Dolores’s eyes went wide. “You do it yourself then, if you’re so hot on the idea!” she cried, and whirled to run for the door. But before she could move, the two robed figures on either side of her had her by the arms and were restraining her where she was.
Her screams fell with surprisingly little effect into the dead weight of the air, as if something was pressing down on the space, smothering them. Here we go… Rhiow thought. Sif? Hold yourself ready – I’m going to have to construct something on the fly.
Say the word.
From across the circle, Helen said, It’s all right, Aufwi, let me down —
I’d nearly forgotten you were up there. Where have you been keeping your mass?
It’s no big deal, I’ll show you later. Give us the high sign when you’re ready, Rhi —
“No! Ray, no, why are you, what are you doing, why are you just standing there, help me, I don’t want to do this!” She was screaming now. Most of the people standing around the circle simply looked at her. And Dagenham moved the thing he was holding two-handed into one of his hands, and reached into his robe with another, and came out with something that was just as black, but glinted in the torchlight.
It was a short sharp slice of obsidian, razory-keen. He passed it to the robed figure standing next to him: and the figure reached out a shapely hand to take it from Dagenham, and turned toward Dolores, and laughed… that tinkly little laugh.
Rhiow fluffed up in rage and horror as Anya Harte advanced slowly on Dolores. All sharp edges, that voice had been at the restaurant and the party, always looking for someplace to put the knife in. And now she had a place. It’s as we thought: she was behind what happened to Dolores at the party. And what she realized she hadn’t finished there, now she’ll finish here, as a sideshow to the main event… and a sop to her jealousy. Well, we’ll see about that —
“How blind did you have to be,” Anya said as she came closer and closer to the struggling Dolores, “not to see that Ray and I weren’t going to stop being an item just because some fan magazine said we were? You really shouldn’t believe everything you read. You have to know that the studiocame down on him after some rumors got around about here…” She laughed again. “But Ray’s too much his own man to toe the line. Of course he was going to pretend to be doing it at a party full of industry types. But off the record…. nothing has changed.”

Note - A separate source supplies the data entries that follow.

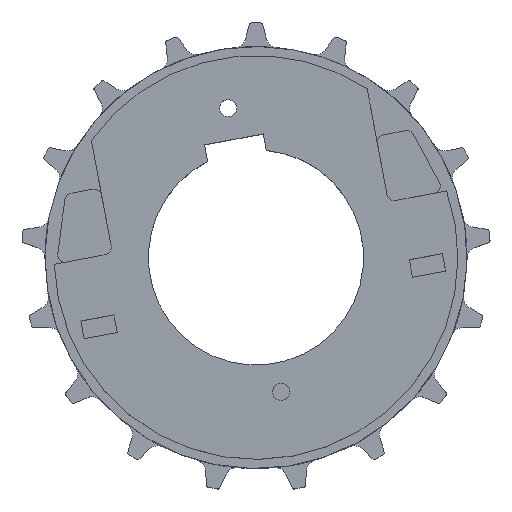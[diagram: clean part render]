
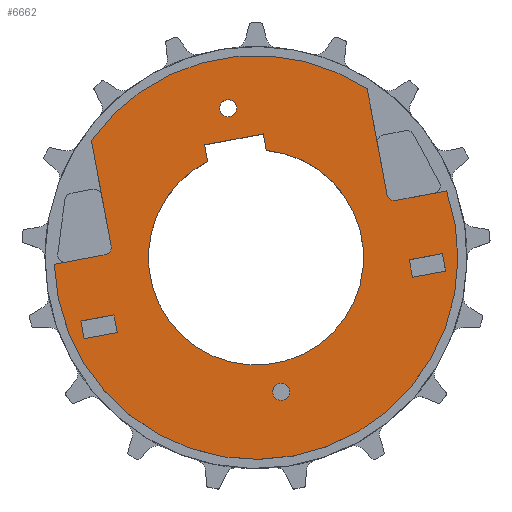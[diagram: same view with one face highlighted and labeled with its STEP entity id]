
A CAD part, top view. The second image highlights one B-rep face of the part: STEP entity #6662.
In plain terms, the highlighted planar face has unit normal (0, 0, 1).
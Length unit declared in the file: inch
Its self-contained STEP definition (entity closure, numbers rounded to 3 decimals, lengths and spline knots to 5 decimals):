
#2191=DIRECTION('',(-0.983,-0.184,0.));
#2192=VECTOR('',#2191,0.85169);
#2193=CARTESIAN_POINT('',(-2.48541,0.04406,0.74));
#2194=LINE('',#2193,#2192);
#2195=CARTESIAN_POINT('',(-2.50838,0.16693,0.74));
#2196=DIRECTION('',(0.,0.,-1.));
#2197=DIRECTION('',(0.983,0.184,0.));
#2198=AXIS2_PLACEMENT_3D('',#2195,#2196,#2197);
#2200=DIRECTION('',(0.184,-0.983,0.));
#2201=VECTOR('',#2200,1.76586);
#2202=CARTESIAN_POINT('',(-2.70999,1.92569,0.74));
#2203=LINE('',#2202,#2201);
#2204=CARTESIAN_POINT('',(0.,0.,0.74));
#2205=DIRECTION('',(0.,0.,1.));
#2206=DIRECTION('',(0.551,0.835,0.));
#2207=AXIS2_PLACEMENT_3D('',#2204,#2205,#2206);
#2209=DIRECTION('',(-0.184,0.983,0.));
#2210=VECTOR('',#2209,1.76586);
#2211=CARTESIAN_POINT('',(2.15582,1.03882,0.74));
#2212=LINE('',#2211,#2210);
#2213=CARTESIAN_POINT('',(2.2787,1.06179,0.74));
#2214=DIRECTION('',(0.,0.,-1.));
#2215=DIRECTION('',(0.184,-0.983,0.));
#2216=AXIS2_PLACEMENT_3D('',#2213,#2214,#2215);
#2218=DIRECTION('',(-0.983,-0.184,0.));
#2219=VECTOR('',#2218,0.85169);
#2220=CARTESIAN_POINT('',(3.13885,1.09541,0.74));
#2221=LINE('',#2220,#2219);
#2222=CARTESIAN_POINT('',(0.,0.,0.74));
#2223=DIRECTION('',(0.,0.,1.));
#2224=DIRECTION('',(-0.999,-0.034,0.));
#2225=AXIS2_PLACEMENT_3D('',#2222,#2223,#2224);
#2227=DIRECTION('',(0.983,0.184,0.));
#2228=VECTOR('',#2227,0.554);
#2229=CARTESIAN_POINT('',(2.57674,-0.32582,0.74));
#2230=LINE('',#2229,#2228);
#2231=DIRECTION('',(-0.184,0.983,0.));
#2232=VECTOR('',#2231,0.29375);
#2233=CARTESIAN_POINT('',(3.12131,-0.22403,0.74));
#2234=LINE('',#2233,#2232);
#2235=DIRECTION('',(-0.983,-0.184,0.));
#2236=VECTOR('',#2235,0.554);
#2237=CARTESIAN_POINT('',(3.06733,0.06472,0.74));
#2238=LINE('',#2237,#2236);
#2239=DIRECTION('',(0.184,-0.983,0.));
#2240=VECTOR('',#2239,0.29375);
#2241=CARTESIAN_POINT('',(2.52277,-0.03707,0.74));
#2242=LINE('',#2241,#2240);
#2243=DIRECTION('',(0.983,0.184,0.));
#2244=VECTOR('',#2243,0.554);
#2245=CARTESIAN_POINT('',(-2.82961,-1.33644,0.74));
#2246=LINE('',#2245,#2244);
#2247=DIRECTION('',(-0.184,0.983,0.));
#2248=VECTOR('',#2247,0.29375);
#2249=CARTESIAN_POINT('',(-2.28504,-1.23465,0.74));
#2250=LINE('',#2249,#2248);
#2251=DIRECTION('',(-0.983,-0.184,0.));
#2252=VECTOR('',#2251,0.554);
#2253=CARTESIAN_POINT('',(-2.33902,-0.9459,0.74));
#2254=LINE('',#2253,#2252);
#2255=DIRECTION('',(0.184,-0.983,0.));
#2256=VECTOR('',#2255,0.29375);
#2257=CARTESIAN_POINT('',(-2.88358,-1.0477,0.74));
#2258=LINE('',#2257,#2256);
#2259=CARTESIAN_POINT('',(-0.45937,2.45743,0.74));
#2260=DIRECTION('',(0.,0.,1.));
#2261=DIRECTION('',(0.983,0.184,0.));
#2262=AXIS2_PLACEMENT_3D('',#2259,#2260,#2261);
#2264=CARTESIAN_POINT('',(-0.45937,2.45743,0.74));
#2265=DIRECTION('',(0.,0.,1.));
#2266=DIRECTION('',(-0.983,-0.184,0.));
#2267=AXIS2_PLACEMENT_3D('',#2264,#2265,#2266);
#2269=CARTESIAN_POINT('',(0.41344,-2.21169,0.74));
#2270=DIRECTION('',(0.,0.,1.));
#2271=DIRECTION('',(0.983,0.184,0.));
#2272=AXIS2_PLACEMENT_3D('',#2269,#2270,#2271);
#2274=CARTESIAN_POINT('',(0.41344,-2.21169,0.74));
#2275=DIRECTION('',(0.,0.,1.));
#2276=DIRECTION('',(-0.983,-0.184,0.));
#2277=AXIS2_PLACEMENT_3D('',#2274,#2275,#2276);
#2279=DIRECTION('',(0.184,-0.983,0.));
#2280=VECTOR('',#2279,0.276);
#2281=CARTESIAN_POINT('',(-0.84704,1.85373,0.74));
#2282=LINE('',#2281,#2280);
#2283=CARTESIAN_POINT('',(0.,0.,0.74));
#2284=DIRECTION('',(0.,0.,1.));
#2285=DIRECTION('',(-0.45,0.893,0.));
#2286=AXIS2_PLACEMENT_3D('',#2283,#2284,#2285);
#2288=DIRECTION('',(-0.184,0.983,0.));
#2289=VECTOR('',#2288,0.276);
#2290=CARTESIAN_POINT('',(0.17092,1.76324,0.74));
#2291=LINE('',#2290,#2289);
#2292=DIRECTION('',(-0.983,-0.184,0.));
#2293=VECTOR('',#2292,0.984);
#2294=CARTESIAN_POINT('',(0.1202,2.03454,0.74));
#2295=LINE('',#2294,#2293);
#3281=CARTESIAN_POINT('',(-3.3226,-0.11244,0.74));
#3282=CARTESIAN_POINT('',(3.13885,1.09541,0.74));
#3283=VERTEX_POINT('',#3281);
#3284=VERTEX_POINT('',#3282);
#3285=CARTESIAN_POINT('',(1.83135,2.77461,0.74));
#3286=CARTESIAN_POINT('',(-2.70999,1.92569,0.74));
#3287=VERTEX_POINT('',#3285);
#3288=VERTEX_POINT('',#3286);
#3313=CARTESIAN_POINT('',(-2.38551,0.1899,0.74));
#3314=VERTEX_POINT('',#3313);
#3315=CARTESIAN_POINT('',(-2.48541,0.04406,0.74));
#3316=VERTEX_POINT('',#3315);
#3317=CARTESIAN_POINT('',(2.30166,0.93892,0.74));
#3318=VERTEX_POINT('',#3317);
#3319=CARTESIAN_POINT('',(2.15582,1.03882,0.74));
#3320=VERTEX_POINT('',#3319);
#3441=CARTESIAN_POINT('',(2.57674,-0.32582,0.74));
#3442=CARTESIAN_POINT('',(3.12131,-0.22403,0.74));
#3443=VERTEX_POINT('',#3441);
#3444=VERTEX_POINT('',#3442);
#3445=CARTESIAN_POINT('',(3.06733,0.06472,0.74));
#3446=VERTEX_POINT('',#3445);
#3447=CARTESIAN_POINT('',(2.52277,-0.03707,0.74));
#3448=VERTEX_POINT('',#3447);
#3457=CARTESIAN_POINT('',(-2.82961,-1.33644,0.74));
#3458=CARTESIAN_POINT('',(-2.28504,-1.23465,0.74));
#3459=VERTEX_POINT('',#3457);
#3460=VERTEX_POINT('',#3458);
#3461=CARTESIAN_POINT('',(-2.33902,-0.9459,0.74));
#3462=VERTEX_POINT('',#3461);
#3463=CARTESIAN_POINT('',(-2.88358,-1.0477,0.74));
#3464=VERTEX_POINT('',#3463);
#3573=CARTESIAN_POINT('',(-0.32127,2.48325,0.74));
#3574=CARTESIAN_POINT('',(-0.59748,2.43162,0.74));
#3575=VERTEX_POINT('',#3573);
#3576=VERTEX_POINT('',#3574);
#3585=CARTESIAN_POINT('',(-0.84704,1.85373,0.74));
#3586=CARTESIAN_POINT('',(-0.79633,1.58243,0.74));
#3587=VERTEX_POINT('',#3585);
#3588=VERTEX_POINT('',#3586);
#3589=CARTESIAN_POINT('',(0.17092,1.76324,0.74));
#3590=VERTEX_POINT('',#3589);
#3591=CARTESIAN_POINT('',(0.1202,2.03454,0.74));
#3592=VERTEX_POINT('',#3591);
#3597=CARTESIAN_POINT('',(0.55154,-2.18587,0.74));
#3598=CARTESIAN_POINT('',(0.27533,-2.23751,0.74));
#3599=VERTEX_POINT('',#3597);
#3600=VERTEX_POINT('',#3598);
#6603=CARTESIAN_POINT('',(0.,0.,0.74));
#6604=DIRECTION('',(0.,0.,1.));
#6605=DIRECTION('',(0.983,0.184,0.));
#6606=AXIS2_PLACEMENT_3D('',#6603,#6604,#6605);
#6607=PLANE('',#6606);
#6608=ORIENTED_EDGE('',*,*,#6502,.F.);
#6609=ORIENTED_EDGE('',*,*,#6472,.F.);
#6610=ORIENTED_EDGE('',*,*,#6439,.F.);
#6612=ORIENTED_EDGE('',*,*,#6611,.F.);
#6613=ORIENTED_EDGE('',*,*,#6306,.F.);
#6614=ORIENTED_EDGE('',*,*,#6275,.F.);
#6615=ORIENTED_EDGE('',*,*,#6229,.F.);
#6617=ORIENTED_EDGE('',*,*,#6616,.F.);
#6618=EDGE_LOOP('',(#6608,#6609,#6610,#6612,#6613,#6614,#6615,#6617));
#6619=FACE_OUTER_BOUND('',#6618,.F.);
#6621=ORIENTED_EDGE('',*,*,#6620,.T.);
#6623=ORIENTED_EDGE('',*,*,#6622,.T.);
#6625=ORIENTED_EDGE('',*,*,#6624,.T.);
#6627=ORIENTED_EDGE('',*,*,#6626,.T.);
#6628=EDGE_LOOP('',(#6621,#6623,#6625,#6627));
#6629=FACE_BOUND('',#6628,.F.);
#6631=ORIENTED_EDGE('',*,*,#6630,.T.);
#6633=ORIENTED_EDGE('',*,*,#6632,.T.);
#6635=ORIENTED_EDGE('',*,*,#6634,.T.);
#6637=ORIENTED_EDGE('',*,*,#6636,.T.);
#6638=EDGE_LOOP('',(#6631,#6633,#6635,#6637));
#6639=FACE_BOUND('',#6638,.F.);
#6641=ORIENTED_EDGE('',*,*,#6640,.T.);
#6643=ORIENTED_EDGE('',*,*,#6642,.T.);
#6644=EDGE_LOOP('',(#6641,#6643));
#6645=FACE_BOUND('',#6644,.F.);
#6647=ORIENTED_EDGE('',*,*,#6646,.T.);
#6649=ORIENTED_EDGE('',*,*,#6648,.T.);
#6650=EDGE_LOOP('',(#6647,#6649));
#6651=FACE_BOUND('',#6650,.F.);
#6653=ORIENTED_EDGE('',*,*,#6652,.T.);
#6655=ORIENTED_EDGE('',*,*,#6654,.T.);
#6657=ORIENTED_EDGE('',*,*,#6656,.T.);
#6659=ORIENTED_EDGE('',*,*,#6658,.T.);
#6660=EDGE_LOOP('',(#6653,#6655,#6657,#6659));
#6661=FACE_BOUND('',#6660,.F.);
#6662=ADVANCED_FACE('',(#6619,#6629,#6639,#6645,#6651,#6661),#6607,.T.);
#2199=CIRCLE('',#2198,0.125);
#2208=CIRCLE('',#2207,3.3245);
#2217=CIRCLE('',#2216,0.125);
#2226=CIRCLE('',#2225,3.3245);
#2263=CIRCLE('',#2262,0.1405);
#2268=CIRCLE('',#2267,0.1405);
#2273=CIRCLE('',#2272,0.1405);
#2278=CIRCLE('',#2277,0.1405);
#2287=CIRCLE('',#2286,1.7715);
#6229=EDGE_CURVE('',#3284,#3318,#2221,.T.);
#6275=EDGE_CURVE('',#3318,#3320,#2217,.T.);
#6306=EDGE_CURVE('',#3320,#3287,#2212,.T.);
#6439=EDGE_CURVE('',#3288,#3314,#2203,.T.);
#6472=EDGE_CURVE('',#3314,#3316,#2199,.T.);
#6502=EDGE_CURVE('',#3316,#3283,#2194,.T.);
#6611=EDGE_CURVE('',#3287,#3288,#2208,.T.);
#6616=EDGE_CURVE('',#3283,#3284,#2226,.T.);
#6620=EDGE_CURVE('',#3443,#3444,#2230,.T.);
#6622=EDGE_CURVE('',#3444,#3446,#2234,.T.);
#6624=EDGE_CURVE('',#3446,#3448,#2238,.T.);
#6626=EDGE_CURVE('',#3448,#3443,#2242,.T.);
#6630=EDGE_CURVE('',#3459,#3460,#2246,.T.);
#6632=EDGE_CURVE('',#3460,#3462,#2250,.T.);
#6634=EDGE_CURVE('',#3462,#3464,#2254,.T.);
#6636=EDGE_CURVE('',#3464,#3459,#2258,.T.);
#6640=EDGE_CURVE('',#3575,#3576,#2263,.T.);
#6642=EDGE_CURVE('',#3576,#3575,#2268,.T.);
#6646=EDGE_CURVE('',#3599,#3600,#2273,.T.);
#6648=EDGE_CURVE('',#3600,#3599,#2278,.T.);
#6652=EDGE_CURVE('',#3587,#3588,#2282,.T.);
#6654=EDGE_CURVE('',#3588,#3590,#2287,.T.);
#6656=EDGE_CURVE('',#3590,#3592,#2291,.T.);
#6658=EDGE_CURVE('',#3592,#3587,#2295,.T.);

She was almost within arm’s length now, and the torchlight glinted redly off the hair-thin edge of the obsidian knife. “And if you think a dim little piece like you is going to distract Ray from me for a minute, even if the world is about to end or whatever tomorrow, then you… think…wrong.”
She lifted the knife. Dolores, gasping in shock, watched its upward arc as Anya lifted it with a dreadful smile on her face. Rhiow glanced over at Sif, caught the answering glint of fire in her eyes, reached back into her mind for the shieldspell she’d been readying to lay the groundwork for what would follow —
And from the darkness came a sound that brought all heads around, even Dagenham’s. It was a low, moaning, rumbling sound that scaled slowly up into a roar, and then past that into a long, furious, bubbling scream. And out of the darkness, into the horrified silence that fell, into the torchlight, came slowly stepping something earth-colored, four-legged, long and low, with slowly twitching tail and eyes that unnaturally concentrated the torches’ light. Every ehhif in the circle stared, frozen in shock, as the biggest California mountain lion they had ever seen – a massive dun shape with dark muzzle and paws — stalked out of the darkness and into the ring of stones, and stood there, just shy of the spell circle, with eyes of green fire locked on Anya Harte.